◆ Task details ◆
Return the data exactly, apart from leaving out the pictures.

◆ Stored data ◆
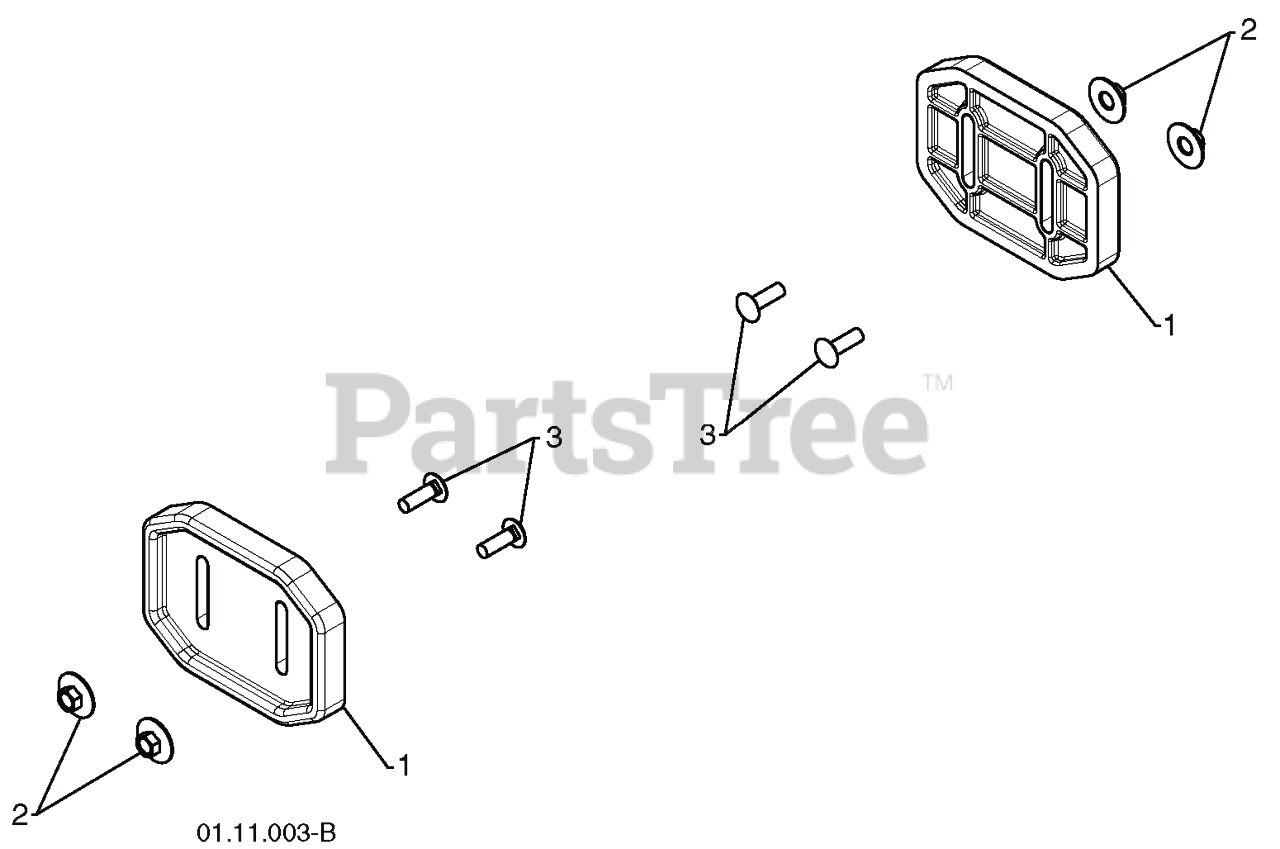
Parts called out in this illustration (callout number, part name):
1	SKID.PLATE.PLASTIC.
2	NUT.FLANGE.HEX.5/16X18.BLACK
3	BOLT.CARRIAGE.5/16-18
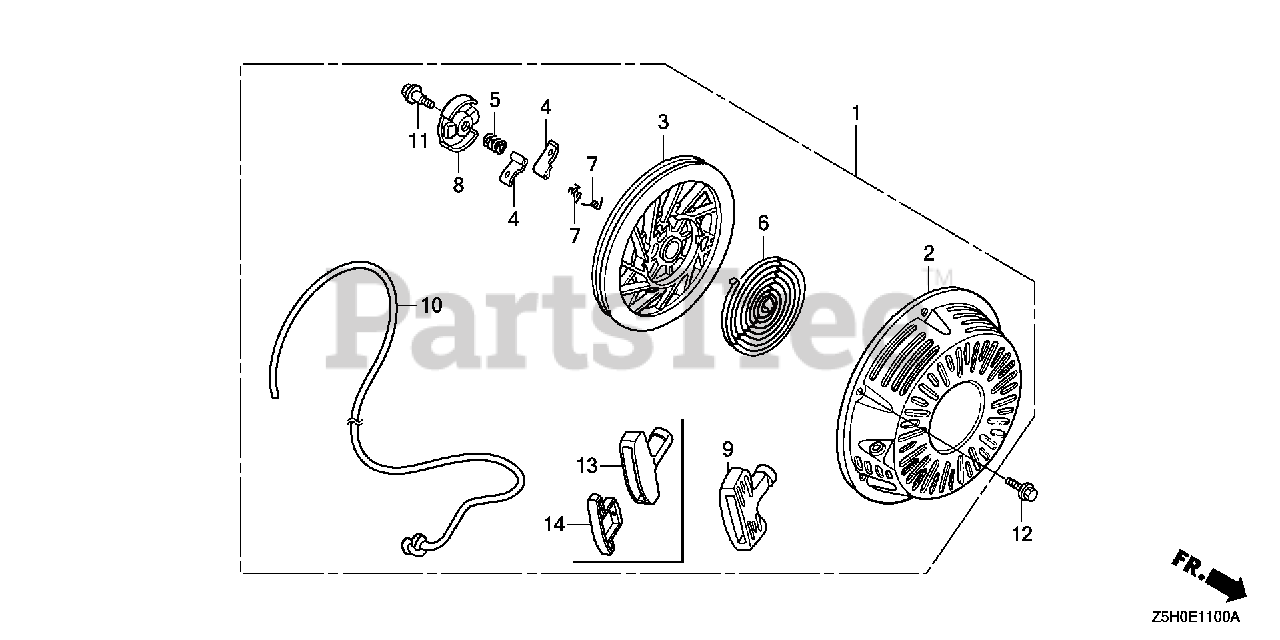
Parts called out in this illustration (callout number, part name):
1	STARTER ASSY., RECOIL *NH1* (BLACK)
1	STARTER ASSY., RECOIL *R280* (POWER RED)
2	CASE, RECOIL STARTER *NH1* (BLACK)
2	CASE, RECOIL STARTER *R280* (POWER RED)
3	PULLEY, RECOIL STARTER
4	RATCHET, STARTER
5	SPRING, FRICTION
6	SPRING, STARTER RETURN
7	SPRING, RATCHET
8	RETAINER, SPRING
9	GRIP, STARTER
10	ROPE, RECOIL STARTER
11	SCREW, CENTER
12	BOLT, FLANGE (6X10)
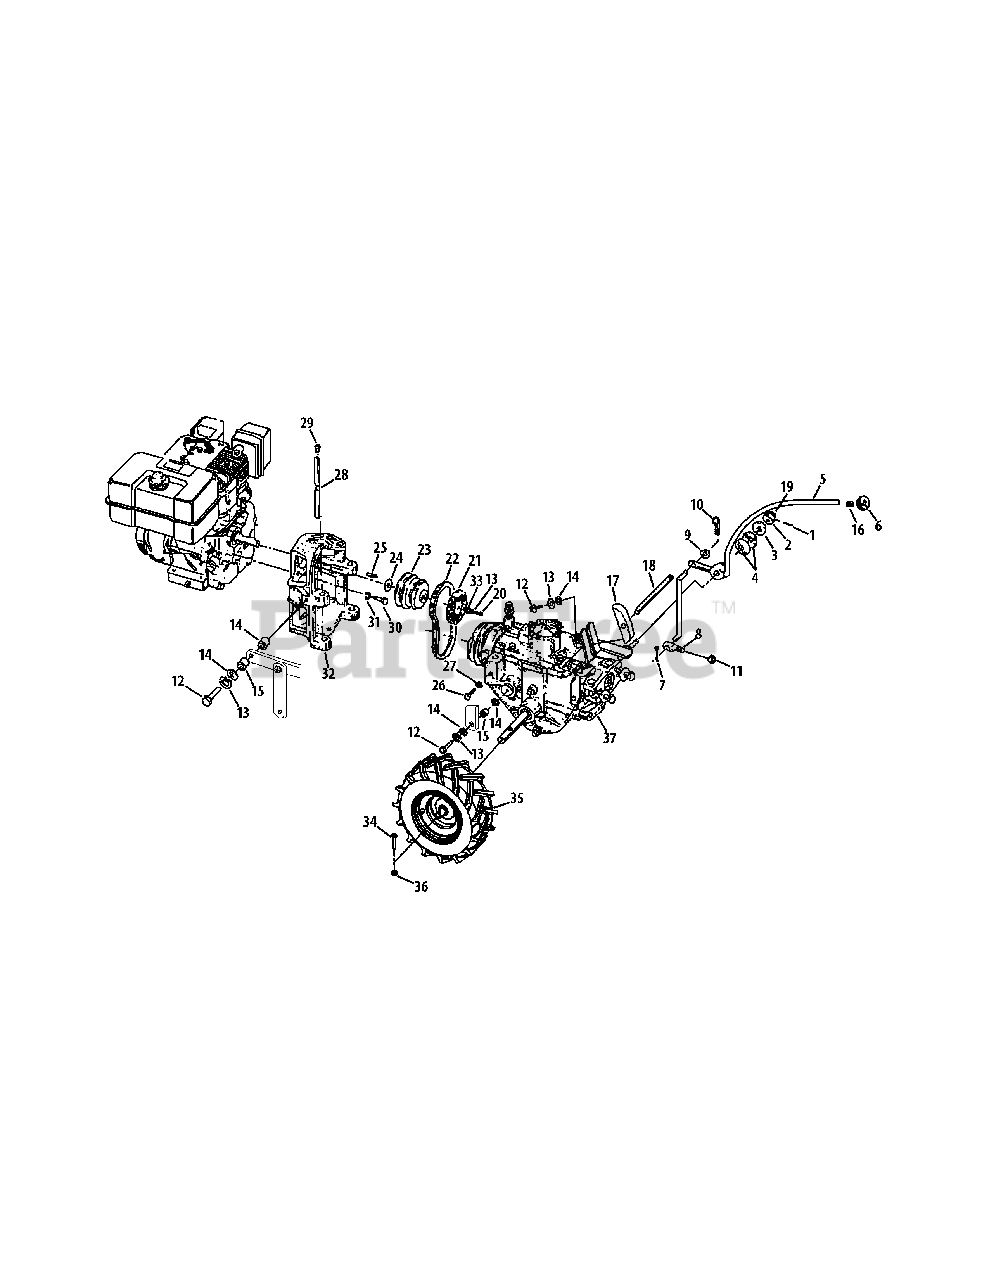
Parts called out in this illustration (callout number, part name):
1	Spring Pin, 1/8"
2	Flat Washer, .510 x 1.0 x .125
3	Shoulder Washer, 1.25 x .50 x .25
4	Disc Spring Washer
5	Wheel Speed Shift Lever
7	Cotter Pin, 3/32" x 1"
9	Flat Washer, .344 x .688 x .065
10	Hair Pin Cotter
11	Hex Locknut, 5/16"-18
12	Hex Head Screw, 3/8"-16 x 1"
13	Lockwasher, 3/8"
14	Flat Washer, .406 x .810 x .051
15	Bushing Spacer, .5 x .375 x .3
16	Retaining Ring
17	Belt Adjustment, 3-7/8"
18	Belt Adjustment Rod
19	Hex Nut, 1/2"-20
20	Hex Head Screw, 3/8"-24 x 1.75
21	Reverse Disc
22	Forward Drive Belt
23	Engine Power Take-off Pulley
24	Flat Washer, .766 x 1.0 x .031
24	Flat Washer, .766 x 1.0 x .062
25	Engine Pulley Key, 3/16"x 2-1/2"
26	Hex Head Screw, 5/16"-18 x 1"
27	Hex Nut, 5/16"-18
28	Engine Mounting Bar
29	Thread Protector Plug
30	Hex Head Screw, 5/16"-24 x 1.125
31	Lockwasher, 5/16"
33	Flat Washer, .406 x 1.0 x .105
34	Hex Screw, 1/4"-20 x 1-1/2"
35	Wheel Assembly, 16 x 4.6 x 8"
36	Hex Flange Nut, 1/4"-20
37	Clutch Bracket
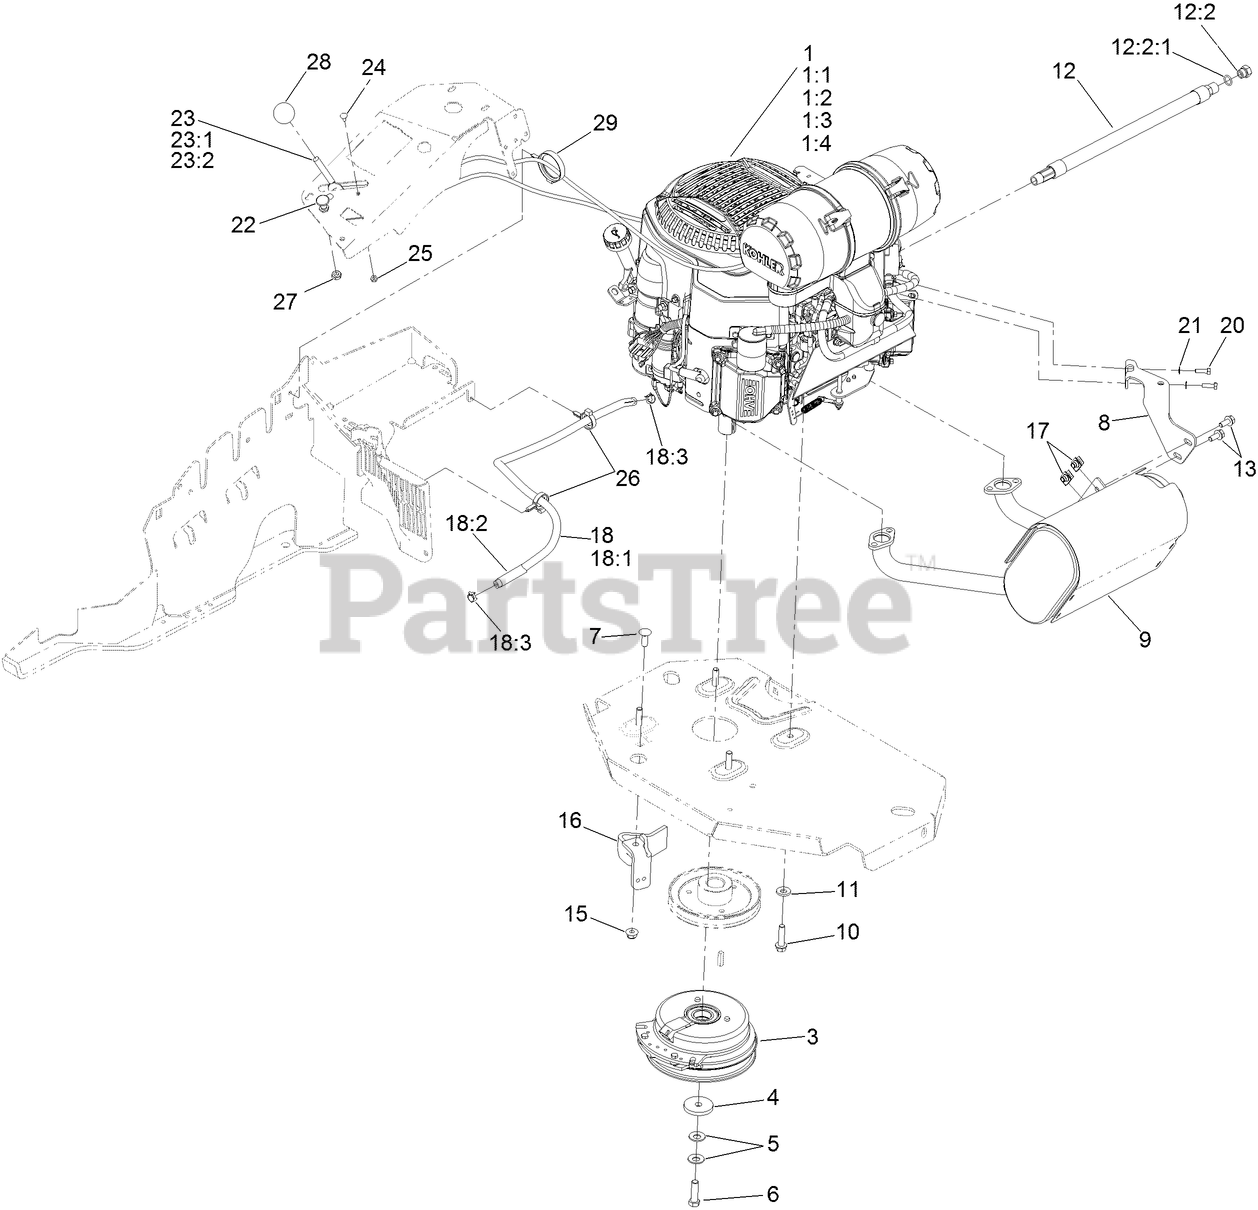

◆ Your response ◆
Parts called out in this illustration (callout number, part name):
1	SKID.PLATE.PLASTIC.
2	NUT.FLANGE.HEX.5/16X18.BLACK
3	BOLT.CARRIAGE.5/16-18
Parts called out in this illustration (callout number, part name):
1	STARTER ASSY., RECOIL *NH1* (BLACK)
1	STARTER ASSY., RECOIL *R280* (POWER RED)
2	CASE, RECOIL STARTER *NH1* (BLACK)
2	CASE, RECOIL STARTER *R280* (POWER RED)
3	PULLEY, RECOIL STARTER
4	RATCHET, STARTER
5	SPRING, FRICTION
6	SPRING, STARTER RETURN
7	SPRING, RATCHET
8	RETAINER, SPRING
9	GRIP, STARTER
10	ROPE, RECOIL STARTER
11	SCREW, CENTER
12	BOLT, FLANGE (6X10)
Parts called out in this illustration (callout number, part name):
1	Spring Pin, 1/8"
2	Flat Washer, .510 x 1.0 x .125
3	Shoulder Washer, 1.25 x .50 x .25
4	Disc Spring Washer
5	Wheel Speed Shift Lever
7	Cotter Pin, 3/32" x 1"
9	Flat Washer, .344 x .688 x .065
10	Hair Pin Cotter
11	Hex Locknut, 5/16"-18
12	Hex Head Screw, 3/8"-16 x 1"
13	Lockwasher, 3/8"
14	Flat Washer, .406 x .810 x .051
15	Bushing Spacer, .5 x .375 x .3
16	Retaining Ring
17	Belt Adjustment, 3-7/8"
18	Belt Adjustment Rod
19	Hex Nut, 1/2"-20
20	Hex Head Screw, 3/8"-24 x 1.75
21	Reverse Disc
22	Forward Drive Belt
23	Engine Power Take-off Pulley
24	Flat Washer, .766 x 1.0 x .031
24	Flat Washer, .766 x 1.0 x .062
25	Engine Pulley Key, 3/16"x 2-1/2"
26	Hex Head Screw, 5/16"-18 x 1"
27	Hex Nut, 5/16"-18
28	Engine Mounting Bar
29	Thread Protector Plug
30	Hex Head Screw, 5/16"-24 x 1.125
31	Lockwasher, 5/16"
33	Flat Washer, .406 x 1.0 x .105
34	Hex Screw, 1/4"-20 x 1-1/2"
35	Wheel Assembly, 16 x 4.6 x 8"
36	Hex Flange Nut, 1/4"-20
37	Clutch Bracket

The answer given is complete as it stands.